-- WHAT YOU NEED TO DO --
Print every line of the listing below, starting with the line that holds "edge.add_line((242.3593, 60.5121), (242.1926, 60.3454))" and going on through the line that holds "edge.add_arc((245.0259, 49.1787), 0.1667, 0, 90)", both included, and print nothing else.

Start of RECORDED DATA

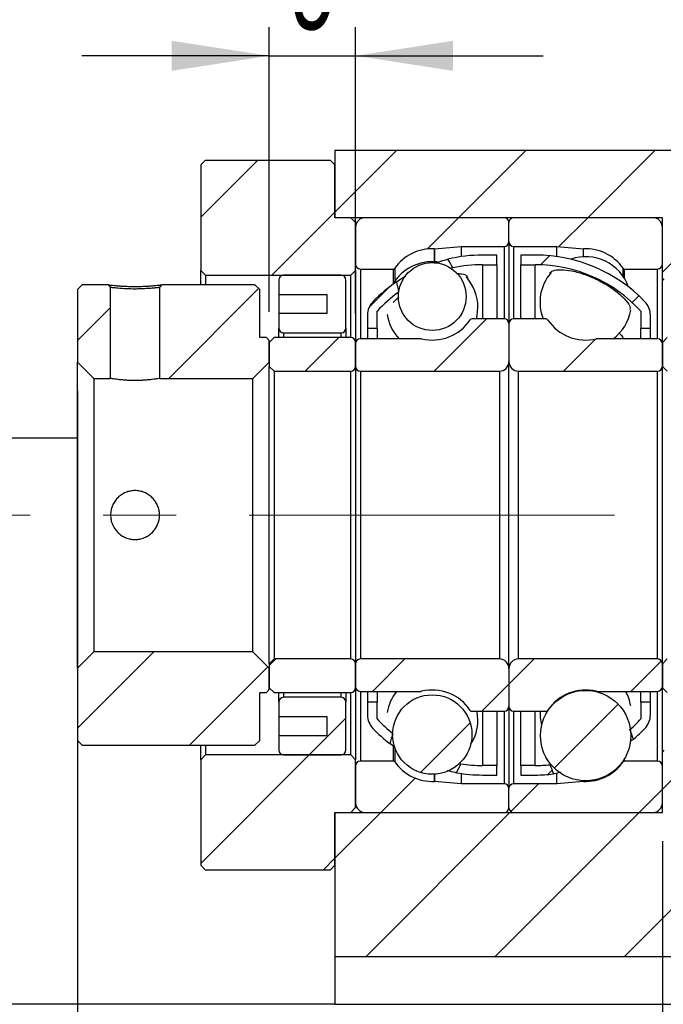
# Model space of a CAD drawing. Header units: millimetres. Extents: x 26 to 294, y 9 to 200.
# Tile 5 of 8: x 234 to 256, y 37 to 72. Entities that reach past the tile are written whole.
import ezdxf

# ---------------------------------------------------------------- set-up
doc = ezdxf.new("R2010")
doc.units = ezdxf.units.MM
doc.linetypes.add('CENTERX2', pattern=[20.32, 12.7, -2.54, 2.54, -2.54])
doc.layers.add('圖層0', color=7, linetype='Continuous')
doc.styles.add('SLDTEXTSTYLE0', font='TXT', dxfattribs={"width": 0.7})
doc.dimstyles.new('SLDDIMSTYLE1', dxfattribs={"dimtxt": 0.18, "dimasz": 2.5, "dimexe": 0, "dimexo": 0.0625, "dimgap": 0, "dimtad": 0, "dimtih": 1, "dimtoh": 1, "dimdec": 0, "dimrnd": 1e-09, "dimzin": 0, "dimdsep": 46, "dimtxsty": 'Standard', "dimsah": 1, "dimcen": 0.09, "dimadec": 0, "dimazin": 0, "dimtfac": 2.5, "dimtdec": 0, "dimtofl": 0, "dimtmove": 0, "dimatfit": 3, "dimfxl": 1, "dimfrac": 2, "dimtolj": 1, "dimtzin": 0, "dimarcsym": 0})
doc.dimstyles.new('SLDDIMSTYLE3', dxfattribs={"dimtxt": 3.389974, "dimasz": 2.5, "dimexe": 0, "dimexo": 0.0625, "dimgap": 0.847493, "dimtad": 1, "dimlfac": 3, "dimrnd": 1e-09, "dimzin": 12, "dimdsep": 46, "dimtxsty": 'SLDTEXTSTYLE0', "dimsah": 1, "dimcen": 0.09, "dimadec": 0, "dimazin": 3, "dimtfac": 1, "dimtofl": 0, "dimtmove": 0, "dimatfit": 3, "dimfxl": 1, "dimfrac": 2, "dimtolj": 1, "dimtzin": 12, "dimarcsym": 0})
doc.dimstyles.new('SLDDIMSTYLE5', dxfattribs={"dimtxt": 3.389974, "dimasz": 2.5, "dimexe": 0, "dimexo": 0.0625, "dimgap": 0.847493, "dimtad": 1, "dimlfac": 3, "dimrnd": 1e-09, "dimzin": 12, "dimdsep": 46, "dimtxsty": 'SLDTEXTSTYLE0', "dimsah": 1, "dimcen": 0.09, "dimadec": 0, "dimazin": 3, "dimtfac": 1, "dimtmove": 0, "dimatfit": 0, "dimfxl": 1, "dimfrac": 2, "dimtolj": 1, "dimtzin": 12, "dimarcsym": 0})

# ---------------------------------------------------------------- blocks, each defined once
blk = doc.blocks.new('_D_15')
at = {"layer": '圖層0', "color": 7}
for p, q in [((235.526, 58.662), (235.526, 28.485)), ((255.859, 43.012), (255.859, 28.485)), ((235.526, 29.485), (255.859, 29.485))]:
    blk.add_line(p, q, dxfattribs=at)
for points in [[(235.526, 29.485), (238.916, 28.964), (238.916, 30.007)], [(255.859, 29.485), (252.469, 30.007), (252.469, 28.964)]]:
    blk.add_solid(points, dxfattribs=at)
at = {"layer": '圖層0', "color": 7, "char_height": 3.175, "attachment_point": 1, "style": 'SLDTEXTSTYLE0'}
for s, insert in [('(', (243.861, 33.578)), (')', (249.164, 33.578)), ('61', (245.19, 33.578))]:
    blk.add_mtext(s, dxfattribs=dict(at, insert=insert))
blk = doc.blocks.new('_D_16')
at = {"layer": '圖層0', "color": 7}
for p, q in [((255.859, 43.012), (255.859, 28.485)), ((259.526, 36.345), (259.526, 28.485)), ((255.859, 29.485), (249.34, 29.485)), ((255.859, 29.485), (259.526, 29.485)), ((259.526, 29.485), (267.2, 29.485))]:
    blk.add_line(p, q, dxfattribs=at)
for points in [[(255.859, 29.485), (252.469, 30.007), (252.469, 28.964)], [(259.526, 29.485), (262.916, 28.964), (262.916, 30.007)]]:
    blk.add_solid(points, dxfattribs=at)
at = {"layer": '圖層0', "color": 7, "insert": (263.225, 33.578), "char_height": 3.175, "attachment_point": 1, "style": 'SLDTEXTSTYLE0'}
blk.add_mtext('11', dxfattribs=at)
blk = doc.blocks.new('_D_17')
at = {"layer": '圖層0', "color": 7}
for p, q in [((242.193, 61.412), (242.193, 71.303)), ((245.193, 61.345), (245.193, 71.303)), ((242.193, 70.303), (235.673, 70.303)), ((242.193, 70.303), (245.193, 70.303)), ((245.193, 70.303), (251.712, 70.303))]:
    blk.add_line(p, q, dxfattribs=at)
for points in [[(242.193, 70.303), (238.803, 70.825), (238.803, 69.782)], [(245.193, 70.303), (248.583, 69.782), (248.583, 70.825)]]:
    blk.add_solid(points, dxfattribs=at)
at = {"layer": '圖層0', "color": 7, "insert": (242.895, 74.396), "char_height": 3.175, "attachment_point": 1, "style": 'SLDTEXTSTYLE0'}
blk.add_mtext('9', dxfattribs=at)
blk = doc.blocks.new('_D_18')
at = {"layer": '圖層0', "color": 7}
for p, q in [((265.213, 59.345), (265.213, 70.588)), ((256.693, 59.345), (266.213, 59.345)), ((265.213, 59.345), (265.213, 49.345)), ((256.693, 49.345), (266.213, 49.345))]:
    blk.add_line(p, q, dxfattribs=at)
for points in [[(265.213, 59.345), (264.691, 55.955), (265.734, 55.955)], [(265.213, 49.345), (265.734, 52.735), (264.691, 52.735)]]:
    blk.add_solid(points, dxfattribs=at)
at = {"layer": '圖層0', "color": 7, "char_height": 3.175, "attachment_point": 1, "rotation": 90, "style": 'SLDTEXTSTYLE0'}
for s, insert in [('30', (261.12, 66.613)), ('%%c', (261.12, 62.592))]:
    blk.add_mtext(s, dxfattribs=dict(at, insert=insert))

msp = doc.modelspace()

# ---------------------------------------------------------------- hatches: boundary and pattern name
at = {"layer": '圖層0', "linetype": 'Continuous', "lineweight": 18}
h = msp.add_hatch(dxfattribs=at)
h.set_pattern_fill('ANSI31', color=256, style=0)
h.paths.add_polyline_path([(255.9259, 62.512), (256.1259, 62.512), (256.1926, 62.5787), (256.1926, 62.6787), (259.5259, 62.6787), (259.5259, 67.012), (244.4759, 67.012), (244.4759, 64.6787), (255.8593, 64.6787), (255.8593, 62.5787)], flags=0)
h = msp.add_hatch(dxfattribs=at)
h.set_pattern_fill('ANSI31', color=256, style=0)
h.paths.add_polyline_path([(239.9759, 66.6787), (239.8093, 66.5121), (239.8093, 62.8454), (239.9759, 62.6787), (245.0259, 62.6787), (245.1926, 62.8454), (245.1926, 64.5121), (245.0259, 64.6787), (244.4759, 64.6787), (244.4759, 66.5121), (244.3093, 66.6787)], flags=0)
h = msp.add_hatch(dxfattribs=at)
h.set_pattern_fill('ANSI31', color=256, style=0)
edge = h.paths.add_edge_path(flags=0)
edge.add_line((250.5259, 63.8454), (250.5259, 64.5121))
edge.add_arc((250.3593, 64.5121), 0.1667, 0, 90)
edge.add_line((250.3593, 64.6787), (245.5259, 64.6787))
edge.add_arc((245.5259, 64.3454), 0.3333, 90, 180)
edge.add_line((245.1926, 64.3454), (245.1926, 63.0621))
edge.add_arc((245.3593, 63.0621), 0.1667, 180, 270)
edge.add_line((245.3593, 62.8954), (246.5051, 62.8954))
edge.add_arc((246.5051, 62.9621), 0.0667, 270, 324.94886)
edge.add_arc((247.8593, 62.0121), 1.5875, 87.45248, 144.94886, ccw=False)
edge.add_arc((247.9328, 63.6646), 0.0667, 267.45248, 275)
edge.add_line((247.9386, 63.5982), (248.8593, 63.6787))
edge.add_line((248.8593, 63.6787), (250.3593, 63.6787))
edge.add_arc((250.3593, 63.8454), 0.1667, 270, 360)
h = msp.add_hatch(dxfattribs=at)
h.set_pattern_fill('ANSI31', color=256, style=0)
edge = h.paths.add_edge_path(flags=0)
edge.add_line((255.5259, 64.6787), (250.6926, 64.6787))
edge.add_arc((250.6926, 64.5121), 0.1667, 90, 180)
edge.add_line((250.5259, 64.5121), (250.5259, 63.8454))
edge.add_arc((250.6926, 63.8454), 0.1667, 180, 270)
edge.add_line((250.6926, 63.6787), (252.1926, 63.6787))
edge.add_line((252.1926, 63.6787), (253.1133, 63.5982))
edge.add_arc((253.1191, 63.6646), 0.0667, 265, 272.54752)
edge.add_arc((253.1926, 62.0121), 1.5875, 35.05114, 92.54752, ccw=False)
edge.add_arc((254.5468, 62.9621), 0.0667, 215.05114, 270)
edge.add_line((254.5468, 62.8954), (255.6926, 62.8954))
edge.add_arc((255.6926, 63.0621), 0.1667, 270, 360)
edge.add_line((255.8593, 63.0621), (255.8593, 64.3454))
edge.add_arc((255.5259, 64.3454), 0.3333, 0, 90)
h = msp.add_hatch(dxfattribs=at)
h.set_pattern_fill('ANSI31', color=256, style=0)
edge = h.paths.add_edge_path(flags=0)
edge.add_arc((249.6093, 58.079), 4.9664, 90, 102.02351, ccw=False)
edge.add_line((249.6093, 63.0454), (250.1093, 63.0454))
edge.add_line((250.1093, 63.0454), (250.1093, 63.3787))
edge.add_line((250.1093, 63.3787), (249.6093, 63.3787))
edge.add_arc((249.6093, 58.079), 5.2997, 90, 103.14304)
edge.add_ellipse((250.7257, 54.3454), major_axis=(-4.1679, 11.0399), ratio=0.1299388, start_angle=353.3734, end_angle=353.94492, ccw=False)
h = msp.add_hatch(dxfattribs=at)
h.set_pattern_fill('ANSI31', color=256, style=0)
edge = h.paths.add_edge_path(flags=0)
edge.add_line((250.9426, 63.3787), (250.9426, 63.0454))
edge.add_line((250.9426, 63.0454), (251.4426, 63.0454))
edge.add_arc((251.4426, 58.079), 4.9664, 42.41376, 90, ccw=False)
edge.add_line((255.1093, 61.4287), (255.1093, 60.8454))
edge.add_line((255.1093, 60.8454), (255.4426, 60.8454))
edge.add_line((255.4426, 60.8454), (255.4426, 61.2968))
edge.add_arc((254.7759, 61.2968), 0.6667, 0, 43.98972)
edge.add_arc((251.4426, 58.079), 5.2997, 43.98972, 90)
edge.add_line((251.4426, 63.3787), (250.9426, 63.3787))
h = msp.add_hatch(dxfattribs=at)
h.set_pattern_fill('ANSI31', color=256, style=0)
edge = h.paths.add_edge_path(flags=0)
edge.add_arc((247.8593, 61.9379), 1.1786, 0, 360)
h = msp.add_hatch(dxfattribs=at)
h.set_pattern_fill('ANSI31', color=256, style=0)
edge = h.paths.add_edge_path(flags=0)
edge.add_line((244.1926, 62.0121), (244.1926, 61.3454))
edge.add_line((244.1926, 61.3454), (242.5259, 61.3454))
edge.add_line((242.5259, 61.3454), (242.5259, 60.8454))
edge.add_arc((242.6926, 60.8454), 0.1667, 180, 270)
edge.add_line((242.6926, 60.6787), (244.6926, 60.6787))
edge.add_arc((244.6926, 60.8454), 0.1667, 270, 360)
edge.add_line((244.8593, 60.8454), (244.8593, 62.5121))
edge.add_arc((244.6926, 62.5121), 0.1667, 0, 90)
edge.add_line((244.6926, 62.6787), (242.6926, 62.6787))
edge.add_arc((242.6926, 62.5121), 0.1667, 90, 180)
edge.add_line((242.5259, 62.5121), (242.5259, 62.0121))
edge.add_line((242.5259, 62.0121), (244.1926, 62.0121))
h = msp.add_hatch(dxfattribs=at)
h.set_pattern_fill('ANSI31', color=256, style=0)
h.paths.add_polyline_path([(235.5259, 59.6621), (236.0926, 59.0954), (236.6759, 59.0954), (236.6759, 62.2549), (236.5967, 62.3454), (235.6926, 62.3454), (235.5259, 62.1787)], flags=0)
h = msp.add_hatch(dxfattribs=at)
h.set_pattern_fill('ANSI31', color=256, style=0)
edge = h.paths.add_edge_path(flags=0)
edge.add_line((241.6259, 59.0954), (242.1926, 59.6621))
edge.add_line((242.1926, 59.6621), (242.1926, 60.4121))
edge.add_line((242.1926, 60.4121), (242.0926, 60.5121))
edge.add_line((242.0926, 60.5121), (241.8593, 60.5121))
edge.add_line((241.8593, 60.5121), (241.8593, 62.1787))
edge.add_line((241.8593, 62.1787), (241.6926, 62.3454))
edge.add_line((241.6926, 62.3454), (238.4552, 62.3454))
edge.add_line((238.4552, 62.3454), (238.3759, 62.2549))
edge.add_line((238.3759, 62.2549), (238.3759, 59.0954))
edge.add_line((238.3759, 59.0954), (241.6259, 59.0954))
h = msp.add_hatch(dxfattribs=at)
h.set_pattern_fill('ANSI31', color=256, style=0)
edge = h.paths.add_edge_path(flags=0)
edge.add_ellipse((250.7257, 54.3454), major_axis=(-4.1679, 11.0399), ratio=0.1299388, start_angle=6.23028, end_angle=6.82961, ccw=False)
edge.add_arc((249.6093, 58.079), 5.2997, 124.44312, 136.01028)
edge.add_arc((246.2759, 61.2968), 0.6667, 136.01028, 180)
edge.add_line((245.6093, 61.2968), (245.6093, 60.8454))
edge.add_line((245.6093, 60.8454), (245.9426, 60.8454))
edge.add_line((245.9426, 60.8454), (245.9426, 61.4287))
edge.add_arc((249.6093, 58.079), 4.9664, 126.01821, 137.58624, ccw=False)
h = msp.add_hatch(dxfattribs=at)
h.set_pattern_fill('ANSI31', color=256, style=0)
edge = h.paths.add_edge_path(flags=0)
edge.add_line((245.1926, 60.3037), (245.1926, 59.5121))
edge.add_arc((245.3593, 59.5121), 0.1667, 180, 270)
edge.add_line((245.3593, 59.3454), (250.1926, 59.3454))
edge.add_arc((250.1926, 59.6787), 0.3333, 270, 360)
edge.add_line((250.5259, 59.6787), (250.5259, 60.9954))
edge.add_arc((250.3593, 60.9954), 0.1667, 0, 90)
edge.add_line((250.3593, 61.1621), (249.2362, 61.1621))
edge.add_arc((249.2362, 61.0954), 0.0667, 90, 146.34739)
edge.add_arc((247.8593, 62.0121), 1.5875, 256.48094, 326.34739, ccw=False)
edge.add_arc((247.4726, 60.4037), 0.0667, 76.48094, 90)
edge.add_line((247.4726, 60.4704), (245.3593, 60.4704))
edge.add_arc((245.3593, 60.3037), 0.1667, 90, 180)
h = msp.add_hatch(dxfattribs=at)
h.set_pattern_fill('ANSI31', color=256, style=0)
edge = h.paths.add_edge_path(flags=0)
edge.add_line((250.8593, 59.3454), (255.6926, 59.3454))
edge.add_arc((255.6926, 59.5121), 0.1667, 270, 360)
edge.add_line((255.8593, 59.5121), (255.8593, 60.3037))
edge.add_arc((255.6926, 60.3037), 0.1667, 0, 90)
edge.add_line((255.6926, 60.4704), (253.5793, 60.4704))
edge.add_arc((253.5793, 60.4037), 0.0667, 90, 103.51906)
edge.add_arc((253.1926, 62.0121), 1.5875, 213.65261, 283.51906, ccw=False)
edge.add_arc((251.8156, 61.0954), 0.0667, 33.65261, 90)
edge.add_line((251.8156, 61.1621), (250.6926, 61.1621))
edge.add_arc((250.6926, 60.9954), 0.1667, 90, 180)
edge.add_line((250.5259, 60.9954), (250.5259, 59.6787))
edge.add_arc((250.8593, 59.6787), 0.3333, 180, 270)
h = msp.add_hatch(dxfattribs=at)
h.set_pattern_fill('ANSI31', color=256, style=0)
edge = h.paths.add_edge_path(flags=0)
edge.add_line((242.1926, 59.5121), (242.3593, 59.3454))
edge.add_line((242.3593, 59.3454), (245.0259, 59.3454))
edge.add_arc((245.0259, 59.5121), 0.1667, 270, 360)
edge.add_line((245.1926, 59.5121), (245.1926, 60.3454))
edge.add_arc((245.0259, 60.3454), 0.1667, 0, 90)
edge.add_line((245.0259, 60.5121), (242.3593, 60.5121))
edge.add_line((242.3593, 60.5121), (242.1926, 60.3454))
edge.add_line((242.1926, 60.3454), (242.1926, 59.5121))
h = msp.add_hatch(dxfattribs=at)
h.set_pattern_fill('ANSI31', color=256, style=0)
edge = h.paths.add_edge_path(flags=0)
edge.add_line((255.8593, 59.5121), (256.0259, 59.3454))
edge.add_line((256.0259, 59.3454), (258.6926, 59.3454))
edge.add_arc((258.6926, 59.5121), 0.1667, 270, 360)
edge.add_line((258.8593, 59.5121), (258.8593, 60.3454))
edge.add_arc((258.6926, 60.3454), 0.1667, 0, 90)
edge.add_line((258.6926, 60.5121), (256.0259, 60.5121))
edge.add_line((256.0259, 60.5121), (255.8593, 60.3454))
edge.add_line((255.8593, 60.3454), (255.8593, 59.5121))
h = msp.add_hatch(dxfattribs=at)
h.set_pattern_fill('ANSI31', color=256, style=0)
h.paths.add_polyline_path([(242.0926, 48.1787), (242.1926, 48.2787), (242.1926, 49.0287), (241.6259, 49.5954), (236.0926, 49.5954), (235.5259, 49.0287), (235.5259, 46.5121), (235.6926, 46.3454), (241.6926, 46.3454), (241.8593, 46.5121), (241.8593, 48.1787)], flags=0)
h = msp.add_hatch(dxfattribs=at)
h.set_pattern_fill('ANSI31', color=256, style=0)
edge = h.paths.add_edge_path(flags=0)
edge.add_line((242.3593, 49.3454), (242.1926, 49.1787))
edge.add_line((242.1926, 49.1787), (242.1926, 48.3454))
edge.add_line((242.1926, 48.3454), (242.3593, 48.1787))
edge.add_line((242.3593, 48.1787), (245.0259, 48.1787))
edge.add_arc((245.0259, 48.3454), 0.1667, 270, 360)
edge.add_line((245.1926, 48.3454), (245.1926, 49.1787))
edge.add_arc((245.0259, 49.1787), 0.1667, 0, 90)
edge.add_line((245.0259, 49.3454), (242.3593, 49.3454))
h = msp.add_hatch(dxfattribs=at)
h.set_pattern_fill('ANSI31', color=256, style=0)
edge = h.paths.add_edge_path(flags=0)
edge.add_line((250.1926, 49.3454), (245.3593, 49.3454))
edge.add_arc((245.3593, 49.1787), 0.1667, 90, 180)
edge.add_line((245.1926, 49.1787), (245.1926, 48.3871))
edge.add_arc((245.3593, 48.3871), 0.1667, 180, 270)
edge.add_line((245.3593, 48.2204), (247.4726, 48.2204))
edge.add_arc((247.4726, 48.2871), 0.0667, 270, 283.51906)
edge.add_arc((247.8593, 46.6787), 1.5875, 33.65261, 103.51906, ccw=False)
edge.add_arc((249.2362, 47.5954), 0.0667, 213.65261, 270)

End of RECORDED DATA

-- ANSWER AREA --
edge.add_line((242.3593, 60.5121), (242.1926, 60.3454))
edge.add_line((242.1926, 60.3454), (242.1926, 59.5121))
h = msp.add_hatch(dxfattribs=at)
h.set_pattern_fill('ANSI31', color=256, style=0)
edge = h.paths.add_edge_path(flags=0)
edge.add_line((255.8593, 59.5121), (256.0259, 59.3454))
edge.add_line((256.0259, 59.3454), (258.6926, 59.3454))
edge.add_arc((258.6926, 59.5121), 0.1667, 270, 360)
edge.add_line((258.8593, 59.5121), (258.8593, 60.3454))
edge.add_arc((258.6926, 60.3454), 0.1667, 0, 90)
edge.add_line((258.6926, 60.5121), (256.0259, 60.5121))
edge.add_line((256.0259, 60.5121), (255.8593, 60.3454))
edge.add_line((255.8593, 60.3454), (255.8593, 59.5121))
h = msp.add_hatch(dxfattribs=at)
h.set_pattern_fill('ANSI31', color=256, style=0)
h.paths.add_polyline_path([(242.0926, 48.1787), (242.1926, 48.2787), (242.1926, 49.0287), (241.6259, 49.5954), (236.0926, 49.5954), (235.5259, 49.0287), (235.5259, 46.5121), (235.6926, 46.3454), (241.6926, 46.3454), (241.8593, 46.5121), (241.8593, 48.1787)], flags=0)
h = msp.add_hatch(dxfattribs=at)
h.set_pattern_fill('ANSI31', color=256, style=0)
edge = h.paths.add_edge_path(flags=0)
edge.add_line((242.3593, 49.3454), (242.1926, 49.1787))
edge.add_line((242.1926, 49.1787), (242.1926, 48.3454))
edge.add_line((242.1926, 48.3454), (242.3593, 48.1787))
edge.add_line((242.3593, 48.1787), (245.0259, 48.1787))
edge.add_arc((245.0259, 48.3454), 0.1667, 270, 360)
edge.add_line((245.1926, 48.3454), (245.1926, 49.1787))
edge.add_arc((245.0259, 49.1787), 0.1667, 0, 90)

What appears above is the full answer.